-- Opening Marker --

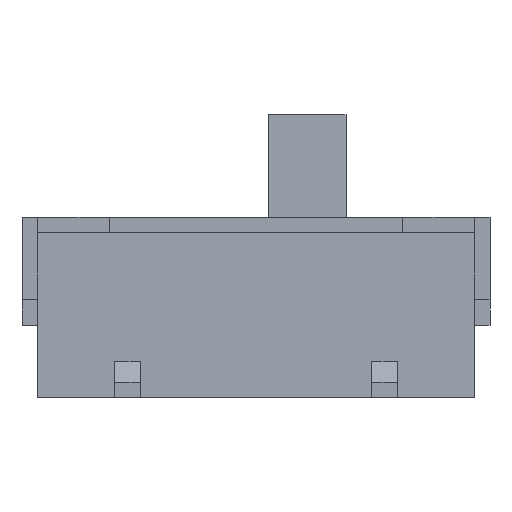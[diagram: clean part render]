
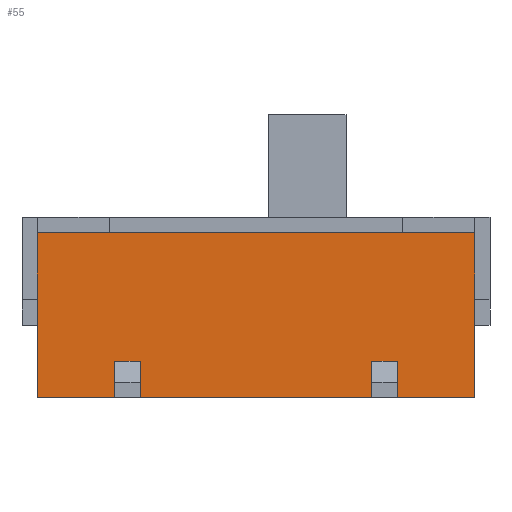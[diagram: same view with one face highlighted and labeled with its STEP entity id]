
A CAD part, left-side view. The second image highlights one B-rep face of the part: STEP entity #55.
In plain terms, the highlighted planar face has unit normal (-1, 0, 0).
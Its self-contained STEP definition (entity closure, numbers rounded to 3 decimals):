
#55 = ADVANCED_FACE('',(#56),#90,.F.);
#56 = FACE_BOUND('',#57,.F.);
#57 = EDGE_LOOP('',(#58,#68,#76,#84));
#58 = ORIENTED_EDGE('',*,*,#59,.T.);
#59 = EDGE_CURVE('',#60,#62,#64,.T.);
#60 = VERTEX_POINT('',#61);
#61 = CARTESIAN_POINT('',(-1.75,4.25,0.));
#62 = VERTEX_POINT('',#63);
#63 = CARTESIAN_POINT('',(-1.75,4.25,3.2));
#64 = LINE('',#65,#66);
#65 = CARTESIAN_POINT('',(-1.75,4.25,0.));
#66 = VECTOR('',#67,1.);
#67 = DIRECTION('',(0.,0.,1.));
#68 = ORIENTED_EDGE('',*,*,#69,.T.);
#69 = EDGE_CURVE('',#62,#70,#72,.T.);
#70 = VERTEX_POINT('',#71);
#71 = CARTESIAN_POINT('',(-1.75,-4.25,3.2));
#72 = LINE('',#73,#74);
#73 = CARTESIAN_POINT('',(-1.75,4.25,3.2));
#74 = VECTOR('',#75,1.);
#75 = DIRECTION('',(0.,-1.,0.));
#76 = ORIENTED_EDGE('',*,*,#77,.F.);
#77 = EDGE_CURVE('',#78,#70,#80,.T.);
#78 = VERTEX_POINT('',#79);
#79 = CARTESIAN_POINT('',(-1.75,-4.25,0.));
#80 = LINE('',#81,#82);
#81 = CARTESIAN_POINT('',(-1.75,-4.25,0.));
#82 = VECTOR('',#83,1.);
#83 = DIRECTION('',(0.,0.,1.));
#84 = ORIENTED_EDGE('',*,*,#85,.F.);
#85 = EDGE_CURVE('',#60,#78,#86,.T.);
#86 = LINE('',#87,#88);
#87 = CARTESIAN_POINT('',(-1.75,4.25,0.));
#88 = VECTOR('',#89,1.);
#89 = DIRECTION('',(0.,-1.,0.));
#90 = PLANE('',#91);
#91 = AXIS2_PLACEMENT_3D('',#92,#93,#94);
#92 = CARTESIAN_POINT('',(-1.75,4.25,0.));
#93 = DIRECTION('',(1.,0.,0.));
#94 = DIRECTION('',(0.,-1.,0.));

-- Closing Marker --

• **TASK PROMPT**
Leave the pictures out and copy the rest of the data exactly.

• **FINAL ANSWER**
[diagram: clean part render]
[diagram: same view with one face highlighted and labeled with its STEP entity id]
A CAD part, left-side view. The second image highlights one B-rep face of the part: STEP entity #55.
In plain terms, the highlighted planar face has unit normal (-1, 0, 0).
Its self-contained STEP definition (entity closure, numbers rounded to 3 decimals):
#55 = ADVANCED_FACE('',(#56),#90,.F.);
#56 = FACE_BOUND('',#57,.F.);
#57 = EDGE_LOOP('',(#58,#68,#76,#84));
#58 = ORIENTED_EDGE('',*,*,#59,.T.);
#59 = EDGE_CURVE('',#60,#62,#64,.T.);
#60 = VERTEX_POINT('',#61);
#61 = CARTESIAN_POINT('',(-1.75,4.25,0.));
#62 = VERTEX_POINT('',#63);
#63 = CARTESIAN_POINT('',(-1.75,4.25,3.2));
#64 = LINE('',#65,#66);
#65 = CARTESIAN_POINT('',(-1.75,4.25,0.));
#66 = VECTOR('',#67,1.);
#67 = DIRECTION('',(0.,0.,1.));
#68 = ORIENTED_EDGE('',*,*,#69,.T.);
#69 = EDGE_CURVE('',#62,#70,#72,.T.);
#70 = VERTEX_POINT('',#71);
#71 = CARTESIAN_POINT('',(-1.75,-4.25,3.2));
#72 = LINE('',#73,#74);
#73 = CARTESIAN_POINT('',(-1.75,4.25,3.2));
#74 = VECTOR('',#75,1.);
#75 = DIRECTION('',(0.,-1.,0.));
#76 = ORIENTED_EDGE('',*,*,#77,.F.);
#77 = EDGE_CURVE('',#78,#70,#80,.T.);
#78 = VERTEX_POINT('',#79);
#79 = CARTESIAN_POINT('',(-1.75,-4.25,0.));
#80 = LINE('',#81,#82);
#81 = CARTESIAN_POINT('',(-1.75,-4.25,0.));
#82 = VECTOR('',#83,1.);
#83 = DIRECTION('',(0.,0.,1.));
#84 = ORIENTED_EDGE('',*,*,#85,.F.);
#85 = EDGE_CURVE('',#60,#78,#86,.T.);
#86 = LINE('',#87,#88);
#87 = CARTESIAN_POINT('',(-1.75,4.25,0.));
#88 = VECTOR('',#89,1.);
#89 = DIRECTION('',(0.,-1.,0.));
#90 = PLANE('',#91);
#91 = AXIS2_PLACEMENT_3D('',#92,#93,#94);
#92 = CARTESIAN_POINT('',(-1.75,4.25,0.));
#93 = DIRECTION('',(1.,0.,0.));
#94 = DIRECTION('',(0.,-1.,0.));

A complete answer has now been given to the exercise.